# QLD: It's big, but still fits in the Stealth fishbox...



## sunshiner (Feb 22, 2006)

Some pics 800 pixels wide

Four of us Noosa Yakkers (and our wives) are staying a few days in Dougout's territory -- Bargara Beach near Bundaberg.

We're staying in cabins directly across from the beach. To launch, all we have to do is trundle the yaks down to the water's edge and off we go.

This morning was day two for Mark and me and day one for Jim and Jaro. Jaro was keen to fish Two Mile reef so off he went first at around 6am. I'd fished there yesterday and caught zip there so today decided I'd follow the rocky but shallow coastal waters to the north. There'd been some baitfish in that area yesterday morning and some signs of small pelagics so I thought an early morning troll over the shallows with my trusty Halco Laser Pro might be worthwhile.

I launched around 0630, by which time Jaro had already paddled the 2.5km to the Two Mile. By 0640 I was paddling gently along, about 100m out from the shoreline, which here is dominated by black boulders. The Halco, the only lure I was trolling, was throbbing nicely and, as a shallow runner, was ideal for the situation as the depth in the area I was trolling varied from 3m to 5m. Plenty of baitfish on the sounder, probably pike, gave me cause for optimism.

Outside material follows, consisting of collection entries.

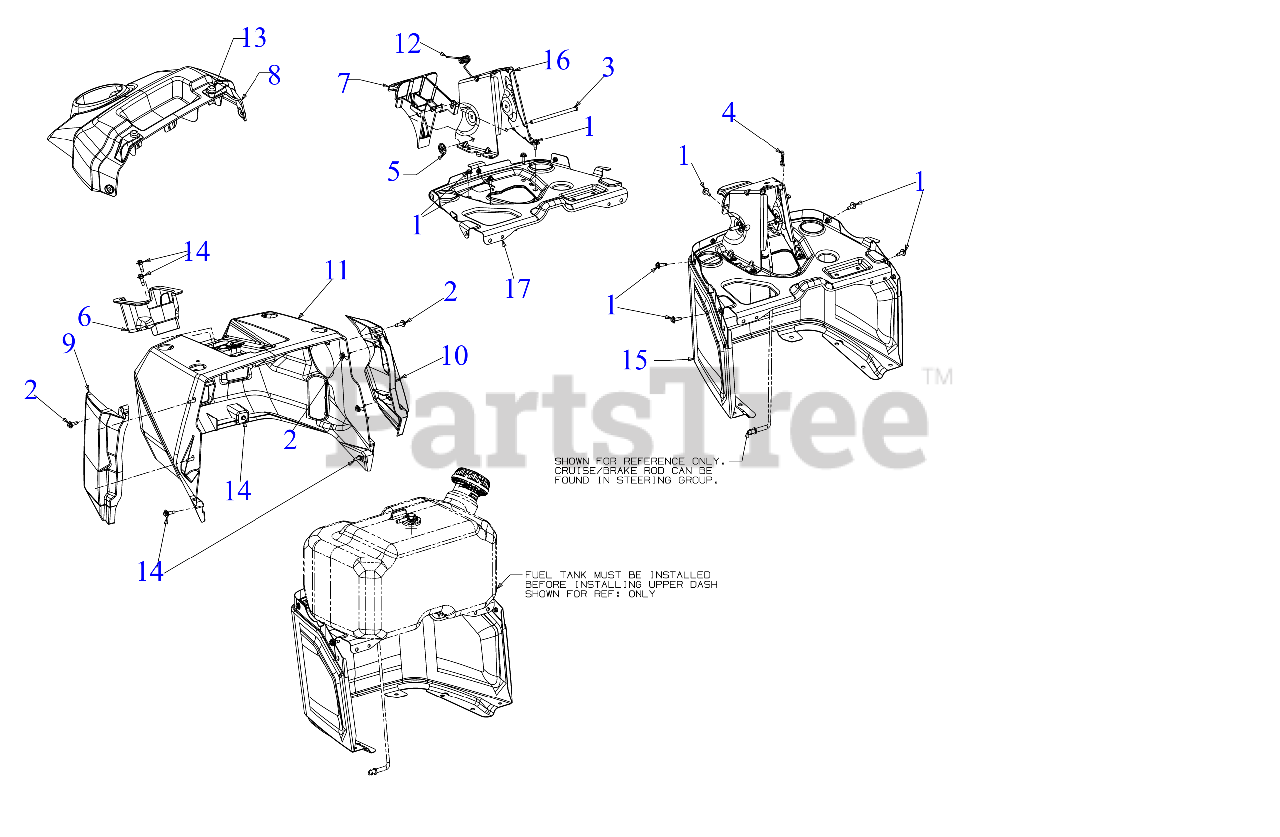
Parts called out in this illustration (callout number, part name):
1	SCREW M6-1 x .625
2	SCREW 1/4-10 x .750
3	HINGE PIN .25 x 4.50
4	BOW TIE COTTER PIN 1/4-5/16
5	PUSH NUT
6	STEERING SHAFT BEARING
7	CRUISE/BRAKE DASH LEVER
8	UPPER DASH CAP (CRAFTSMAN)
9	DASH SIDE CAP (RH)
10	DASH SIDE CAP (LH)
11	UPPER DASH
12	TORSION SPRING .330 ID
13	BUMPER, .62 DIA x .3
14	SHOULDER SCREW M6-1 .368 X.115
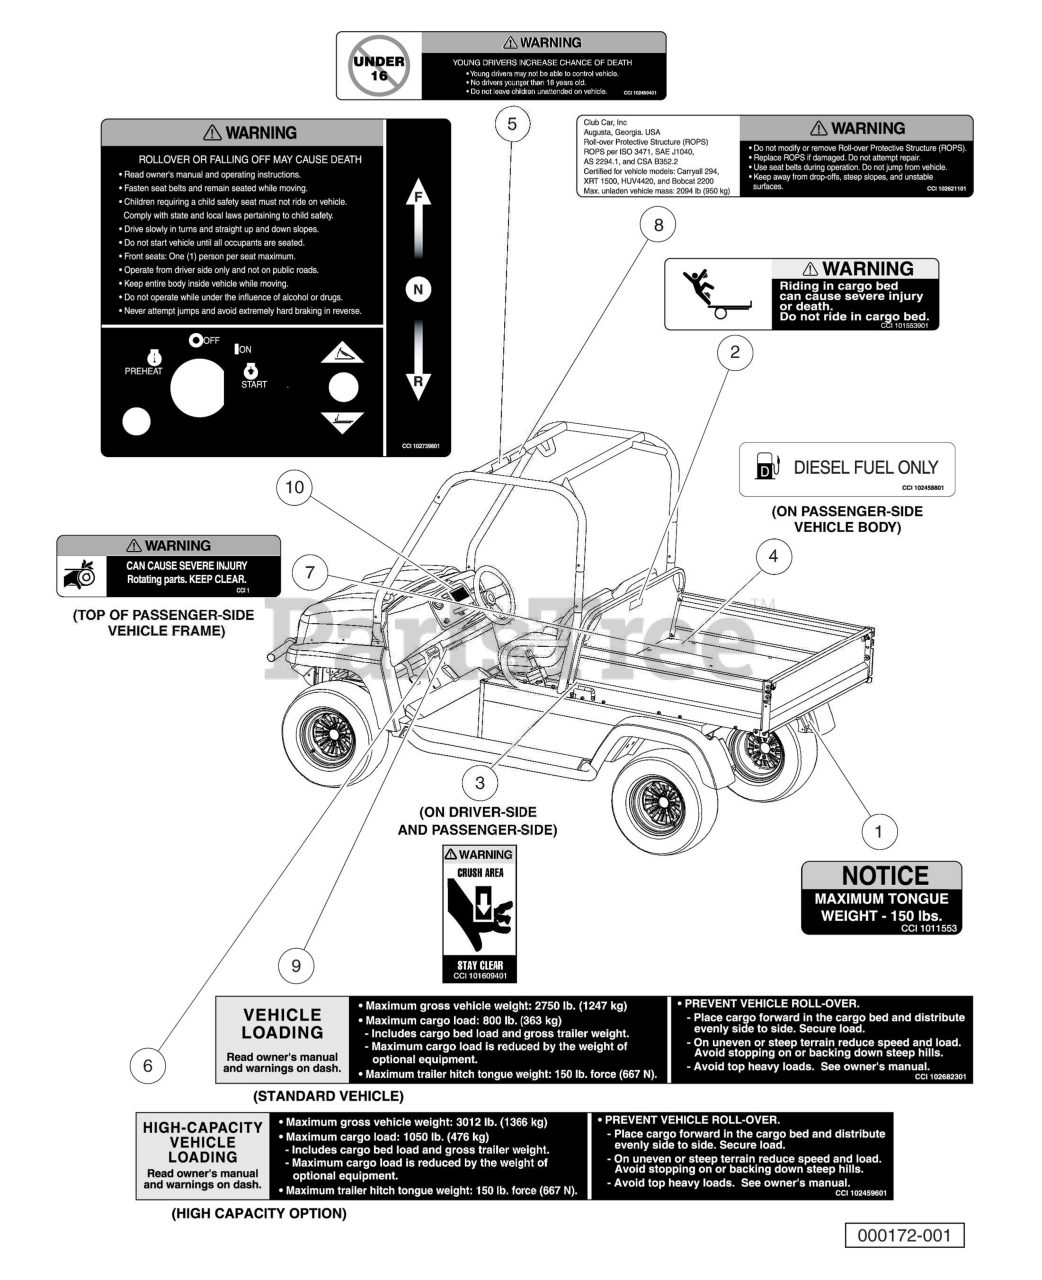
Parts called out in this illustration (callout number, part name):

Just as the reel screamed I noted that the sounder read 4.5m depth, with lots of pinnacles -- "Hope I can get this beastie out of the area and into open water", I remember thinking.

I didn't have to worry about that -- it headed straight out to sea, breaking the surface two or three times in its panic-stricken screaming run. I was expecting a school mackerel of maybe a few kg at first but very soon changed my opinion. This was big, and it was in charge for the moment. The Stealth followed the fish nicely and we'd gone a good couple of hundred metres out to sea and were about ten minutes into the battle before I settled down enough to get the camera out.

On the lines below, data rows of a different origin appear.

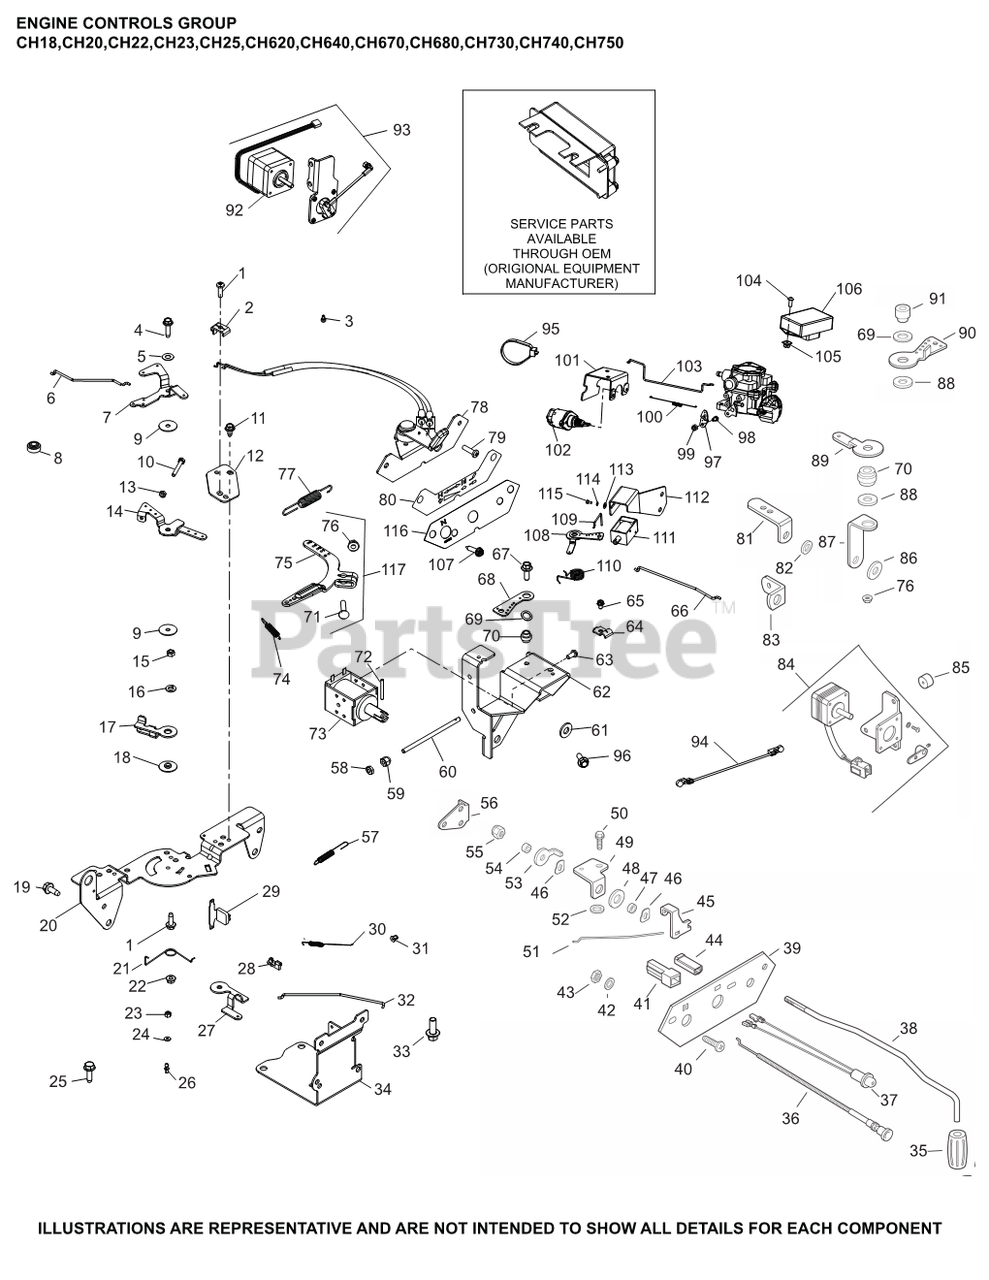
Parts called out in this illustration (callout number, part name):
1	SCREW, THREAD FORMING
2	CLAMP, CABLE
4	SCREW, THREAD FORMING - USE 25 086 473-S
5	WASHER, SPRING 1/4"
6	LINKAGE, CHOKE
7	LEVER, CHOKE
9	WASHER, FLAT 5.5 MM
10	SCREW, CAP M4X.7X30
13	NUT, M4X0.7
14	LEVER, THROTTLE CONTROL
15	NUT, FLG M5X.8
16	WASHER, SPRING LOCK 1/4"
17	LEVER, THROTTLE ACTUATOR
19	SCREW, THREAD FORMING
20	BRACKET, CONTROL
21	SPRING, CHOKE RETURN
22	NUT, LOCK M5X.8
28	BUSHING, THROTTLE LINKAGE
30	SPRING, LINKAGE
31	BUSHING, LINKAGE RETAINING
57	SPRING, THROTTLE LIMITER
66	LINKAGE, THROTTLE
71	BOLT, RD HD SQ NECK M6X1.0X25
75	LEVER, GOVERNOR ASSEMBLY
76	NUT, FLG M6X1.0
77	SPRING, GOVERNOR (PURPLE)

_This was taken at 0657am -- already nearly 15 minutes into the fight_

The power of the run and the obvious endurance of the fish caused me to hope for a longtail tuna but another 7 minutes went by before I could confirm that this indeed was the case.










I could see it deep down as it started its circling pattern near the bottom, which was now at about 10m, and much further out from the strike location.

I eventually got the gaff into its head about 35 minutes after hookup, with the fish spending the last 10 minutes circling in full tanatalising view below the yak. It was difficult to get a pic as I'd slid it up onto my lap after I'd got the lip grippers and tail rope on and the lure removed. This was the best I could do, holding the camera up above my head and pointing down at the fish, resting on my lap.










Then Jimbo turned up, rafted up alongside and took a proper photo










After stowing the longtail in the Stealth's cavernous fish box I paddled in to the beach, caught a tiny wave in -- love the way this boat surfs -- and dragged the Stealth up the beach. A couple more pics:



















The longtail was 1.14m long, and weighed 15kg on the local butcher's scales. My best longtail yet.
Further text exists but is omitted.